In maestro you create pipelines (functions) and schedule them using roxygen2 tags - these are special comments (decorators) above each function. Then you create an orchestrator containing maestro functions for scheduling and invoking the pipelines.

Installation

maestro is available on CRAN and can be installed via:

install.packages("maestro")

Or, try out the development version via:

devtools::install_github("https://github.com/whipson/maestro")

Big Picture

maestro is a framework for orchestrating multiple pipelines. The picture below imagines multiple weather-based ingestion pipelines, managed by a single orchestrator.

Diagram showing the Maestro orchestrator firing three pipelines (temp_readings every 15 min, weather_bulletins every 30 min, satellite_imagery every hour) with a downstream send_alert pipeline.

Project Setup

A maestro project needs at least two components:

  1. A collection of R pipelines (functions) that you want to schedule
  2. A single orchestrator script that kicks off the scripts when they’re scheduled to run

The project file structure will look something like this:

sample_project
├── orchestrator.R
└── pipelines
    ├── satellite_imagery.R
    ├── temp_readings.R
    └── weather_bulletins.R

Use maestro::create_maestro() to easily create this project structure in a blank R project.

Orchestrator

The orchestrator is a script that checks the schedules of all the pipelines in a maestro project and executes them. The orchestrator also handles global execution tasks such as collecting logs and managing shared resources like global objects and custom functions.

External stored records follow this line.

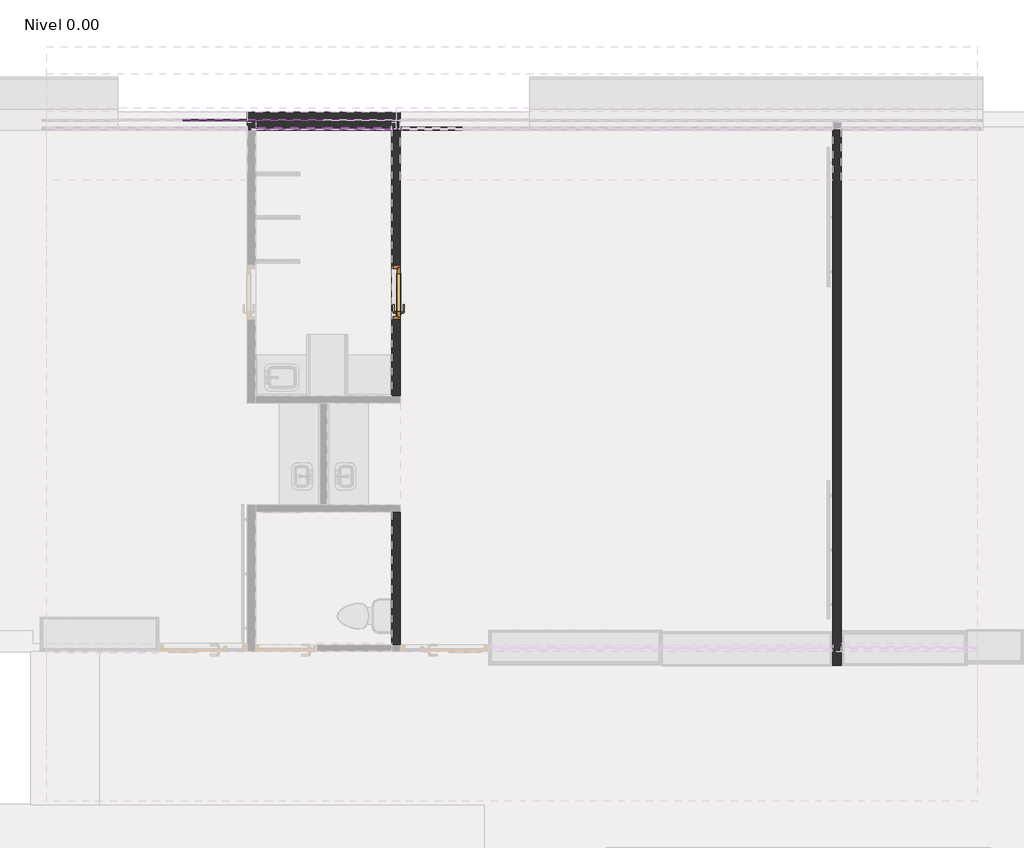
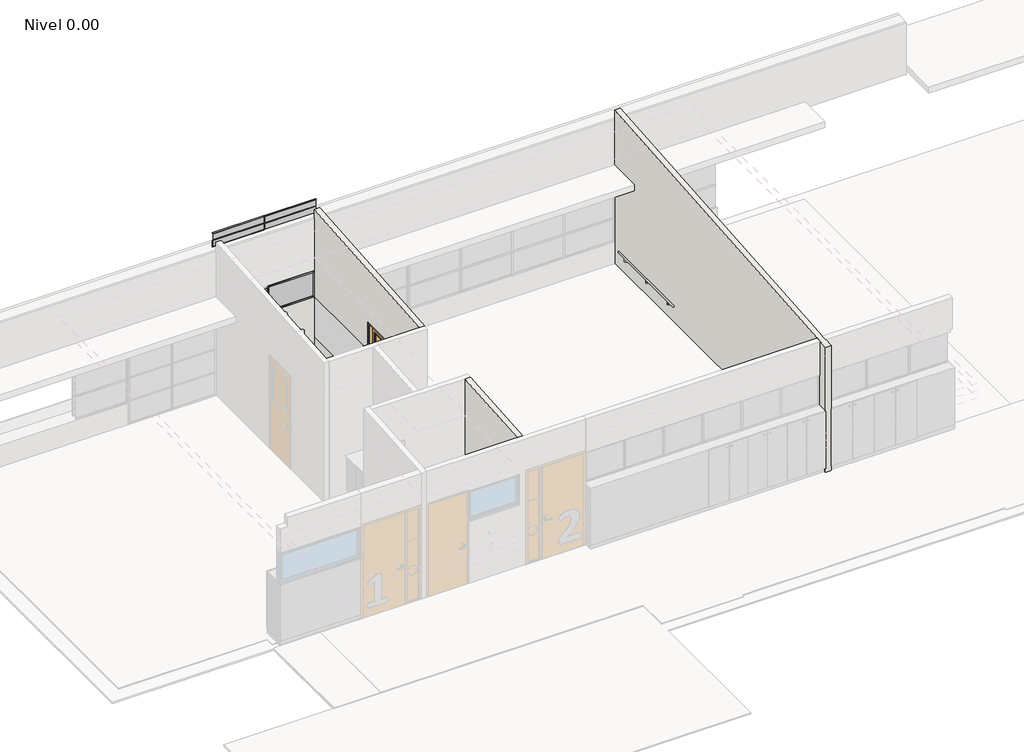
# One storey, part 15 of 27: 78 members, 44 plates, 4 walls, 1 door.
"""IFC4 building model written with IfcOpenShell, lengths in millimetres."""

from ifc_helpers import new_model, si_unit, origin, place, context, project, spatial, faceted_brep, transform, mapped, element, save
from components import puerta_c_01_c01_800x2100mm_3cbcec37, circular_mullion_1dead5a5, circular_mullion_e1cfff8a, l_corner_mullion_bdbcb013, l_corner_mullion_de296168, rectangular_mullion_4771c1cd, rectangular_mullion_62a8ddbd, rectangular_mullion_b27f267a, rectangular_mullion_f4ea7fa0, rectangular_mullion_b22e6fb3, rectangular_mullion_4732226b, rectangular_mullion_bccfeea3, system_panel_21d1b96a, system_panel_b47d8e37, system_panel_7fb71679, system_panel_d60c91ae, system_panel_glazed_caefc472

model = new_model("IFC4")

# Units and contexts
model_context = context("Model", 3, world=origin())
ifc_project = project(units=[si_unit("LENGTHUNIT", "METRE", prefix="MILLI")], contexts=[model_context])

# Site, building, storey
site = spatial("IfcSite", under=ifc_project)
building = spatial("IfcBuilding", under=site)
storey = spatial("IfcBuildingStorey", under=building, Name="Nivel 0.00", Elevation=0.0)

# Door
placement = place(None, origin())
puerta_c_01_c01_800x2100mm_shape = puerta_c_01_c01_800x2100mm_3cbcec37(model_context)
element("IfcDoor", 1, ObjectType="PUERTA_C-01 : C01_800X2100mm", at=placement, inside=storey, context=model_context, shape_type="MappedRepresentation", body=[
    mapped(puerta_c_01_c01_800x2100mm_shape, transform((-7281.9192731, 4429.1682907, 0.0), x_axis=(0.0, 1.0, 0.0), y_axis=(-1.0, 0.0, 0.0), z_axis=(0.0, 0.0, 1.0))),
])

# Members
circular_mullion_shape = circular_mullion_1dead5a5(model_context)
element("IfcMember", 2, ObjectType="Circular Mullion : ARQ_HERR_16mm", at=placement, inside=storey, context=model_context, shape_type="MappedRepresentation", body=[
    mapped(circular_mullion_shape, transform((-8338.404057, 6959.43912, 1650.0), x_axis=(0.0, 0.0, 1.0), y_axis=(0.0, -1.0, 0.0), z_axis=(1.0, 0.0, 0.0))),
])
element("IfcMember", 3, ObjectType="Circular Mullion : ARQ_HERR_16mm", at=placement, inside=storey, context=model_context, shape_type="MappedRepresentation", body=[
    mapped(circular_mullion_shape, transform((-8338.404057, 6959.43912, 1800.0), x_axis=(0.0, 0.0, 1.0), y_axis=(0.0, -1.0, 0.0), z_axis=(1.0, 0.0, 0.0))),
])
element("IfcMember", 4, ObjectType="Circular Mullion : ARQ_HERR_16mm", at=placement, inside=storey, context=model_context, shape_type="MappedRepresentation", body=[
    mapped(circular_mullion_shape, transform((-8338.404057, 6959.43912, 1950.0), x_axis=(0.0, 0.0, 1.0), y_axis=(0.0, -1.0, 0.0), z_axis=(1.0, 0.0, 0.0))),
])
element("IfcMember", 5, ObjectType="Circular Mullion : ARQ_HERR_16mm", at=placement, inside=storey, context=model_context, shape_type="MappedRepresentation", body=[
    mapped(circular_mullion_shape, transform((-8338.404057, 6959.43912, 2100.0), x_axis=(0.0, 0.0, 1.0), y_axis=(0.0, -1.0, 0.0), z_axis=(1.0, 0.0, 0.0))),
])
element("IfcMember", 6, ObjectType="Circular Mullion : ARQ_HERR_16mm", at=placement, inside=storey, context=model_context, shape_type="MappedRepresentation", body=[
    mapped(circular_mullion_shape, transform((-8338.404057, 6959.43912, 2250.0), x_axis=(0.0, 0.0, 1.0), y_axis=(0.0, -1.0, 0.0), z_axis=(1.0, 0.0, 0.0))),
])
element("IfcMember", 7, ObjectType="Circular Mullion : ARQ_HERR_16mm", at=placement, inside=storey, context=model_context, shape_type="MappedRepresentation", body=[
    mapped(circular_mullion_shape, transform((-8338.404057, 6959.43912, 2400.0), x_axis=(0.0, 0.0, 1.0), y_axis=(0.0, -1.0, 0.0), z_axis=(1.0, 0.0, 0.0))),
])
element("IfcMember", 8, ObjectType="Circular Mullion : ARQ_HERR_16mm", at=placement, inside=storey, context=model_context, shape_type="MappedRepresentation", body=[
    mapped(circular_mullion_shape, transform((-8338.404057, 6959.43912, 2550.0), x_axis=(0.0, 0.0, 1.0), y_axis=(0.0, -1.0, 0.0), z_axis=(1.0, 0.0, 0.0))),
])
element("IfcMember", 9, ObjectType="Circular Mullion : ARQ_HERR_16mm", at=placement, inside=storey, context=model_context, shape_type="MappedRepresentation", body=[
    mapped(circular_mullion_shape, transform((-8338.404057, 6959.43912, 2700.0), x_axis=(0.0, 0.0, 1.0), y_axis=(0.0, -1.0, 0.0), z_axis=(1.0, 0.0, 0.0))),
])
element("IfcMember", 10, ObjectType="Circular Mullion : ARQ_HERR_16mm", at=placement, inside=storey, context=model_context, shape_type="MappedRepresentation", body=[
    mapped(circular_mullion_shape, transform((-8338.404057, 6959.43912, 2850.0), x_axis=(0.0, 0.0, 1.0), y_axis=(0.0, -1.0, 0.0), z_axis=(1.0, 0.0, 0.0))),
])
element("IfcMember", 11, ObjectType="Circular Mullion : ARQ_HERR_16mm", at=placement, inside=storey, context=model_context, shape_type="MappedRepresentation", body=[
    mapped(circular_mullion_shape, transform((-8338.404057, 6959.43912, 3000.0), x_axis=(0.0, 0.0, 1.0), y_axis=(0.0, -1.0, 0.0), z_axis=(1.0, 0.0, 0.0))),
])
element("IfcMember", 12, ObjectType="Circular Mullion : ARQ_HERR_16mm", at=placement, inside=storey, context=model_context, shape_type="MappedRepresentation", body=[
    mapped(circular_mullion_shape, transform((-8338.404057, 6959.43912, 3150.0), x_axis=(0.0, 0.0, 1.0), y_axis=(0.0, -1.0, 0.0), z_axis=(1.0, 0.0, 0.0))),
])
element("IfcMember", 13, ObjectType="Circular Mullion : ARQ_HERR_16mm", at=placement, inside=storey, context=model_context, shape_type="MappedRepresentation", body=[
    mapped(circular_mullion_shape, transform((-8338.404057, 6959.43912, 3300.0), x_axis=(0.0, 0.0, 1.0), y_axis=(0.0, -1.0, 0.0), z_axis=(1.0, 0.0, 0.0))),
])
element("IfcMember", 14, ObjectType="Circular Mullion : ARQ_HERR_16mm", at=placement, inside=storey, context=model_context, shape_type="MappedRepresentation", body=[
    mapped(circular_mullion_shape, transform((-8338.404057, 6959.43912, 3450.0), x_axis=(0.0, 0.0, 1.0), y_axis=(0.0, -1.0, 0.0), z_axis=(1.0, 0.0, 0.0))),
])
circular_mullion_2_shape = circular_mullion_e1cfff8a(model_context)
element("IfcMember", 15, ObjectType="Circular Mullion : ARQ_HERR_16mm", at=placement, inside=storey, context=model_context, shape_type="MappedRepresentation", body=[
    mapped(circular_mullion_2_shape, transform((-9461.2388409, 6959.43912, 150.0), x_axis=(0.0, 0.0, 1.0), y_axis=(0.0, -1.0, 0.0), z_axis=(1.0, 0.0, 0.0))),
])
element("IfcMember", 16, ObjectType="Circular Mullion : ARQ_HERR_16mm", at=placement, inside=storey, context=model_context, shape_type="MappedRepresentation", body=[
    mapped(circular_mullion_2_shape, transform((-9461.2388409, 6959.43912, 300.0), x_axis=(0.0, 0.0, 1.0), y_axis=(0.0, -1.0, 0.0), z_axis=(1.0, 0.0, 0.0))),
])
element("IfcMember", 17, ObjectType="Circular Mullion : ARQ_HERR_16mm", at=placement, inside=storey, context=model_context, shape_type="MappedRepresentation", body=[
    mapped(circular_mullion_2_shape, transform((-9461.2388409, 6959.43912, 450.0), x_axis=(0.0, 0.0, 1.0), y_axis=(0.0, -1.0, 0.0), z_axis=(1.0, 0.0, 0.0))),
])
element("IfcMember", 18, ObjectType="Circular Mullion : ARQ_HERR_16mm", at=placement, inside=storey, context=model_context, shape_type="MappedRepresentation", body=[
    mapped(circular_mullion_2_shape, transform((-9461.2388409, 6959.43912, 600.0), x_axis=(0.0, 0.0, 1.0), y_axis=(0.0, -1.0, 0.0), z_axis=(1.0, 0.0, 0.0))),
])
element("IfcMember", 19, ObjectType="Circular Mullion : ARQ_HERR_16mm", at=placement, inside=storey, context=model_context, shape_type="MappedRepresentation", body=[
    mapped(circular_mullion_2_shape, transform((-9461.2388409, 6959.43912, 750.0), x_axis=(0.0, 0.0, 1.0), y_axis=(0.0, -1.0, 0.0), z_axis=(1.0, 0.0, 0.0))),
])
element("IfcMember", 20, ObjectType="Circular Mullion : ARQ_HERR_16mm", at=placement, inside=storey, context=model_context, shape_type="MappedRepresentation", body=[
    mapped(circular_mullion_2_shape, transform((-9461.2388409, 6959.43912, 900.0), x_axis=(0.0, 0.0, 1.0), y_axis=(0.0, -1.0, 0.0), z_axis=(1.0, 0.0, 0.0))),
])
element("IfcMember", 21, ObjectType="Circular Mullion : ARQ_HERR_16mm", at=placement, inside=storey, context=model_context, shape_type="MappedRepresentation", body=[
    mapped(circular_mullion_2_shape, transform((-9461.2388409, 6959.43912, 1050.0), x_axis=(0.0, 0.0, 1.0), y_axis=(0.0, -1.0, 0.0), z_axis=(1.0, 0.0, 0.0))),
])
element("IfcMember", 22, ObjectType="Circular Mullion : ARQ_HERR_16mm", at=placement, inside=storey, context=model_context, shape_type="MappedRepresentation", body=[
    mapped(circular_mullion_2_shape, transform((-9461.2388409, 6959.43912, 1200.0), x_axis=(0.0, 0.0, 1.0), y_axis=(0.0, -1.0, 0.0), z_axis=(1.0, 0.0, 0.0))),
])
element("IfcMember", 23, ObjectType="Circular Mullion : ARQ_HERR_16mm", at=placement, inside=storey, context=model_context, shape_type="MappedRepresentation", body=[
    mapped(circular_mullion_2_shape, transform((-9461.2388409, 6959.43912, 1350.0), x_axis=(0.0, 0.0, 1.0), y_axis=(0.0, -1.0, 0.0), z_axis=(1.0, 0.0, 0.0))),
])
element("IfcMember", 24, ObjectType="Circular Mullion : ARQ_HERR_16mm", at=placement, inside=storey, context=model_context, shape_type="MappedRepresentation", body=[
    mapped(circular_mullion_2_shape, transform((-9461.2388409, 6959.43912, 1500.0), x_axis=(0.0, 0.0, 1.0), y_axis=(0.0, -1.0, 0.0), z_axis=(1.0, 0.0, 0.0))),
])
element("IfcMember", 25, ObjectType="Circular Mullion : ARQ_HERR_16mm", at=placement, inside=storey, context=model_context, shape_type="MappedRepresentation", body=[
    mapped(circular_mullion_2_shape, transform((-9461.2388409, 6959.43912, 1650.0), x_axis=(0.0, 0.0, 1.0), y_axis=(0.0, -1.0, 0.0), z_axis=(1.0, 0.0, 0.0))),
])
element("IfcMember", 26, ObjectType="Circular Mullion : ARQ_HERR_16mm", at=placement, inside=storey, context=model_context, shape_type="MappedRepresentation", body=[
    mapped(circular_mullion_2_shape, transform((-9461.2388409, 6959.43912, 1800.0), x_axis=(0.0, 0.0, 1.0), y_axis=(0.0, -1.0, 0.0), z_axis=(1.0, 0.0, 0.0))),
])
element("IfcMember", 27, ObjectType="Circular Mullion : ARQ_HERR_16mm", at=placement, inside=storey, context=model_context, shape_type="MappedRepresentation", body=[
    mapped(circular_mullion_2_shape, transform((-9461.2388409, 6959.43912, 1950.0), x_axis=(0.0, 0.0, 1.0), y_axis=(0.0, -1.0, 0.0), z_axis=(1.0, 0.0, 0.0))),
])
l_corner_mullion_shape = l_corner_mullion_bdbcb013(model_context)
element("IfcMember", 28, ObjectType="L Corner Mullion : ARQ_HERR_15X6mm", at=placement, inside=storey, context=model_context, shape_type="MappedRepresentation", body=[
    mapped(l_corner_mullion_shape, transform((-7221.5692731, 6959.43912, 3600.0), x_axis=(0.0, 0.0, 1.0), y_axis=(0.0, -1.0, 0.0), z_axis=(1.0, 0.0, 0.0))),
])
element("IfcMember", 29, ObjectType="L Corner Mullion : ARQ_HERR_15X6mm", at=placement, inside=storey, context=model_context, shape_type="MappedRepresentation", body=[
    mapped(l_corner_mullion_shape, transform((-8338.404057, 6959.43912, 3600.0), x_axis=(0.0, 0.0, 1.0), y_axis=(0.0, -1.0, 0.0), z_axis=(1.0, 0.0, 0.0))),
])
element("IfcMember", 30, ObjectType="L Corner Mullion : ARQ_HERR_15X6mm", at=placement, inside=storey, context=model_context, shape_type="MappedRepresentation", body=[
    mapped(l_corner_mullion_shape, transform((-8332.404057, 6959.43912, 1500.0), x_axis=(0.0, 0.0, -1.0), y_axis=(0.0, -1.0, 0.0), z_axis=(-1.0, 0.0, 0.0))),
])
l_corner_mullion_2_shape = l_corner_mullion_de296168(model_context)
element("IfcMember", 31, ObjectType="L Corner Mullion : ARQ_HERR_15X6mm", at=placement, inside=storey, context=model_context, shape_type="MappedRepresentation", body=[
    mapped(l_corner_mullion_2_shape, transform((-9461.2388409, 6959.43912, 2100.0), x_axis=(0.0, 0.0, 1.0), y_axis=(0.0, -1.0, 0.0), z_axis=(1.0, 0.0, 0.0))),
])
rectangular_mullion_shape = rectangular_mullion_4771c1cd(model_context)
element("IfcMember", 32, ObjectType="Rectangular Mullion : ARQ_TV_MULL_50x30mm", at=placement, inside=storey, context=model_context, shape_type="MappedRepresentation", body=[
    mapped(rectangular_mullion_shape, transform((-7185.5692731, 6834.439065, 0.0), x_axis=(0.0, 0.0, -1.0), y_axis=(0.0, -1.0, 0.0), z_axis=(-1.0, 0.0, 0.0))),
])
rectangular_mullion_2_shape = rectangular_mullion_62a8ddbd(model_context)
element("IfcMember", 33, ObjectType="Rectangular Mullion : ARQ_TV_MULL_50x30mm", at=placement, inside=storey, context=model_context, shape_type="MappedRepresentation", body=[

You have the option of using Quarto, RMarkdown, or a straight-up R script for the orchestrator, but the former two have some advantages with respect to deployment on Posit Connect.

A simple orchestrator looks like this:

library(maestro)

schedule <- build_schedule()

output <- run_schedule(
  schedule, 
  orch_frequency = "15 minutes"
)

The function build_schedule() scours through all the pipelines in the project and builds a schedule. Then run_schedule() checks each pipeline’s scheduled time against the system time within some margin of rounding and calls those pipelines to run.

Pipelines

A pipeline is task we want to run. This task may involve retrieving data from a source, performing cleaning and computation on the data, then sending it to a destination. maestro is not concerned with what your pipeline does, but rather when you want to run it. Here’s a simple pipeline in maestro:

#' Example ETL pipeline
#' @maestroFrequency daily
#' @maestroStartTime 12:30:00
my_etl <- function() {
  
  # Pretend we're getting data from a source
  message("Get data")
  extracted <- mtcars
  
  # Transform
  message("Transforming")
  transformed <- extracted |> 
    dplyr::mutate(hp_deviation = hp - mean(hp))
  
  # Load - write to a location
  message("Writing")
  # write.csv(transformed, file = paste0("transformed_mtcars_", Sys.Date(), ".csv"))
}

What makes this a maestro pipeline is the use of special roxygen-style comments above the function definition:

  • #' @maestroFrequency daily indicates that this function should execute at a daily frequency.

  • #' @maestroStartTime 12:30:00 indicates that it runs at 12:30.

In other words, we’d expect it to run every day at 12:30. There are more maestro tags than these ones and all follow the camelCase convention established by roxygen2.